Breaking the steps down simplifies the question:

1.  It's easy enough to point a client to the pkg repository on the intranet server (with PACKAGESITE in environment) and to tell such client to prefer packages before distfiles (use *pkg_add* or *portmaster -P*).  The server is running an http service so setting it to point to the relevant directories is also easy.

2. If the package is not in the PKGREPOSITORY `# portmaster -Pg` will instruct the creation of a pkg for the port being built, so that the pkg can be placed on the server. Again, easy enough.

3. When a client ends up building a port because it was missing on the intranet server, how then can the client send the downloaded distfile and built pkg to their respective directories? (http or ftp will require read/write access).

4. Here is the tougher problem:  How should the directory structure be set up / managed on the server, considering that there will be 2 different architectures for the distfiles (386 + x64) and considering that the resulting pkg / binaries would also be in the same predicament?  It seems the management of the pool should be left to a version tracker or something like it (lightweight solutions preferred).


----------



## SirDice (Apr 8, 2011)

The simplest way is to NFS export /usr/ports/. You can export it read-only. Clients can build things but may need WRKDIRPREFIX set to a writable filesystem.

Another option is to use Apache (or another webserver) and export it with that.
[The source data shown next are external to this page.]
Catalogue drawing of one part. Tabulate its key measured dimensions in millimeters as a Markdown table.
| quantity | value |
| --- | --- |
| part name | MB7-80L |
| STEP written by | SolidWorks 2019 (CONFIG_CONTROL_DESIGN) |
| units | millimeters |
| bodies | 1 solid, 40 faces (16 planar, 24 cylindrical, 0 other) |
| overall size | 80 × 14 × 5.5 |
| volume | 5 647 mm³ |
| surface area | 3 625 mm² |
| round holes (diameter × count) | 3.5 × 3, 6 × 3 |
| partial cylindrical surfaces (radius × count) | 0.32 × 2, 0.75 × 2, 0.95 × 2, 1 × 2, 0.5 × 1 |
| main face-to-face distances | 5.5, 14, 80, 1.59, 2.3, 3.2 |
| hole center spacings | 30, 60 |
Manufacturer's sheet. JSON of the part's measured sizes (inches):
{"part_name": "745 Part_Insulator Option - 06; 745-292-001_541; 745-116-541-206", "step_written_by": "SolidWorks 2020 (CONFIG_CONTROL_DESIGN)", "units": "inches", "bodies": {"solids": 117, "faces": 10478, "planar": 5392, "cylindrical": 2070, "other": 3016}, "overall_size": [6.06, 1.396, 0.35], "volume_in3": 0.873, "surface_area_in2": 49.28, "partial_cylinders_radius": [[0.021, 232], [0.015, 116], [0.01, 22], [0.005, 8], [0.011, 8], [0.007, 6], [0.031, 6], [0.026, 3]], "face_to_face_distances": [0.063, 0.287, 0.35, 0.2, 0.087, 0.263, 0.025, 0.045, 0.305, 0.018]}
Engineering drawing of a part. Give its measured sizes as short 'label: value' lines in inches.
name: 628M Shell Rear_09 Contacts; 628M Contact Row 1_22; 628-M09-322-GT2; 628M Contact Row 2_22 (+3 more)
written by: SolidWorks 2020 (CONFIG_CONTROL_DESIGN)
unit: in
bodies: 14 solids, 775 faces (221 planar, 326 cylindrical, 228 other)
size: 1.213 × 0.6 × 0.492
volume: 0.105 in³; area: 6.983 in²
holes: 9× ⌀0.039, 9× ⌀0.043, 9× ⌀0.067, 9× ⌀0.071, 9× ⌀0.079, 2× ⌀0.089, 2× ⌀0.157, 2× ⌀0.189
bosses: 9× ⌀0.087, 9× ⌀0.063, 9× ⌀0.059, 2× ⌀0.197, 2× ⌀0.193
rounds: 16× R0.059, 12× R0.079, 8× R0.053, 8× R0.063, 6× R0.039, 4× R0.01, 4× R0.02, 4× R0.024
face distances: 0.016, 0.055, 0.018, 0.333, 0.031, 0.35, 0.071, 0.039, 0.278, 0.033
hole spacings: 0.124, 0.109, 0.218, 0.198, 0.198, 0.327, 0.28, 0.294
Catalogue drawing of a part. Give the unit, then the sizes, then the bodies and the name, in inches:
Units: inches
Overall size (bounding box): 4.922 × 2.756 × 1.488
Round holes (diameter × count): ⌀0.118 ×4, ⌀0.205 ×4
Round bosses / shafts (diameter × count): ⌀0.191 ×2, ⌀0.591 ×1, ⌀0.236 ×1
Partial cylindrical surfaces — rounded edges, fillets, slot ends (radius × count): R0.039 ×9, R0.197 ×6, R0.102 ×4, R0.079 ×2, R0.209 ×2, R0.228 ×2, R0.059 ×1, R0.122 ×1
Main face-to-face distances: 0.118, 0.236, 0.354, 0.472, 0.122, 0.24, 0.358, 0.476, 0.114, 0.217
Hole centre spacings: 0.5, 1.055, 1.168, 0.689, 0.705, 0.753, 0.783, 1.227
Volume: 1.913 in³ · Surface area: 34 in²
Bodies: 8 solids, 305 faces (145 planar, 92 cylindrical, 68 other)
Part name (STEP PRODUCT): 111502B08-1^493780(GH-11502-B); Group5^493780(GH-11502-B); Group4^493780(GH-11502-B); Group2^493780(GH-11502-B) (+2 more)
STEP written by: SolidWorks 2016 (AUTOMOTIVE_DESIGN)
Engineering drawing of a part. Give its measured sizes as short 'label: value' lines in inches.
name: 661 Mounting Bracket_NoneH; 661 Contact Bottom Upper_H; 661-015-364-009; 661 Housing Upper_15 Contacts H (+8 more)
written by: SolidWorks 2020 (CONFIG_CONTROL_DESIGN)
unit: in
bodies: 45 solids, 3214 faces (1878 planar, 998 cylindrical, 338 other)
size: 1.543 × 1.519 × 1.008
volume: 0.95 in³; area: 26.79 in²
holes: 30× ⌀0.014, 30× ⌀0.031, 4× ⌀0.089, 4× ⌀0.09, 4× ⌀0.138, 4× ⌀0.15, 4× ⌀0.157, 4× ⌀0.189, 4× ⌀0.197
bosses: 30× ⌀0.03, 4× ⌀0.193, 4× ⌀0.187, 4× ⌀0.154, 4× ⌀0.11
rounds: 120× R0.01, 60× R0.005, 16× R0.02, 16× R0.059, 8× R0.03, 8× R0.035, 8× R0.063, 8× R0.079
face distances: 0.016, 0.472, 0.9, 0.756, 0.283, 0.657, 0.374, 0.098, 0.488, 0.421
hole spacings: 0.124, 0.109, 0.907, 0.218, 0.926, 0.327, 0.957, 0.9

Clients can set PACKAGESITE to the web server's path.

When you build packages (with *make package*, portmaster or portupgrade), just make sure /usr/ports/packages/ exists. The rest of the directory structure will be correctly filled when needed. For different architectures you obviously need separate package directories. Have a look at the official repositories for ideas about the structure.

It could be as simple as http://www.example.com/FreeBSD/i386/usr/ports/packages/ and http://www.example.com/FreeBSD/amd64/usr/ports/packages/.


----------



## Beeblebrox (Apr 9, 2011)

> The simplest way is to NFS export... Another option is to use Apache or another webserver





> The server is running an http service


NFS seems like an additional and unnecessary "resource requester" on the client side. http/ftp is already running for other purposes anyway and that's what I meant with setting PACKAGESITE

For any package not found on the intranet http site, the client will go to outside PACKAGESITE, download the distfile and build the pkg.  What then? How do the pkg and its distfile get included into the central repository?   The client could upload these files to a shared & writable folder on the server, but then the admin has to manually place these in their respective repository directories.  This is where the proxy comes into use, as any downloaded distfile goes through the server central repository.

And what about distfiles common to both architectures, like *flashplayer* or any other 32 bit only port?  It will end up being downloaded twice or will require admin intervention.


----------



## danbi (Apr 11, 2011)

You need to define your purpose, then select technology that suits you best:

1. you need to build all things on centralized system?

2. you need centralized system to store distribution files and build everything on each particular system?

3. you need centralized system to store packages?

In FreeBSD, the distfile and the package file are two completely different things. The distfile is (usually) the source code of the package. The package is built from code in the distfile, after applying FreeBSD patches and after applying your selected build options. You may build different packages (with different options, for example) from the same distfile.


----------



## aragon (Apr 11, 2011)

Beeblebrox said:
			
		

> 3. When a client ends up building a port because it was missing on the intranet server, how then can the client send the downloaded distfile and built pkg to their respective directories? (http or ftp will require read/write access).
> 
> 4. Here is the tougher problem:  How should the directory structure be set up / managed on the server, considering that there will be 2 different architectures for the distfiles (386 + x64) and considering that the resulting pkg / binaries would also be in the same predicament?  It seems the management of the pool should be left to a version tracker or something like it (lightweight solutions preferred).


For distfile caching, that's fairly easy - squid.  If that's not good enough, you need to setup a distfile FTP mirror and configure it in your /etc/make.conf.  The latter is much more bandwidth hungry if you don't have enough machines that benefit from it. (same as APT mirrors)

As for caching package builds, I've been toying with this recently, but there are two hurdles I haven't crossed yet:

1.  The ports system has some hackery in it to overcome a design shortfall of pkg_add's "-r" feature in that it does not follow dependencies recursively/hierarchically.  Instead it relies on the port creating a complete, correctly ordered, single level deep dependency list for each port, and for some reason unknown if packages are built using "make package" this list isn't always created correctly, breaking pkg_add -r.  Hard to explain without seeing it happen.

2.  Handling i386/amd64 package differentiation is easy.  That's already handled by pkg_add's "-r" feature.  What's slightly complicated when you start building various custom systems is that when ports are built on a single system, they link to base libraries that are present on that build system, but which may or may not exist on your other systems.  Classic example: Kerberos.  If you build your systems with kerb disabled you probably would have noticed that some packages from official mirrors don't work.  I don't think there is a reasonable fix for this though.

I have a really neat build tool that I use for i386 and amd64 package builds which fetches and updates packages from official mirrors if no custom build options are defined, builds locally otherwise, and caches the resulting pkgs locally for future runs (updates).  I mostly use it for keeping my NanoBSD systems up to date at the moment.  Not much point taking it further until (1) is resolved though. :/

If you've got some coding skills, there are some really cool things that can be done to improve FreeBSD's binary packaging system.  Take a look at pkg_add source sometime...


----------



## Beeblebrox (May 2, 2011)

*Better late than never*

@ aragon:  Sorry for the late response, I was off-planet for some time...

Your comment re *squid*:  my idea exactly and I thank you for reading between the lines / implications in my post.  Infact I am also questioning *privoxy* (problem posted here) and I am trying to learn why it is not possible to combine (privacy + package cache + web cache) functionaliy into one app => *squid*.  It seems to me that this solves a number of problems, if you consider the total cache usage on disk from the multiple browsers many of us use.

Coding Experience in C: NONE.  Why? So much to say, so much of it of little of significance.

Thanks again for the post : )


----------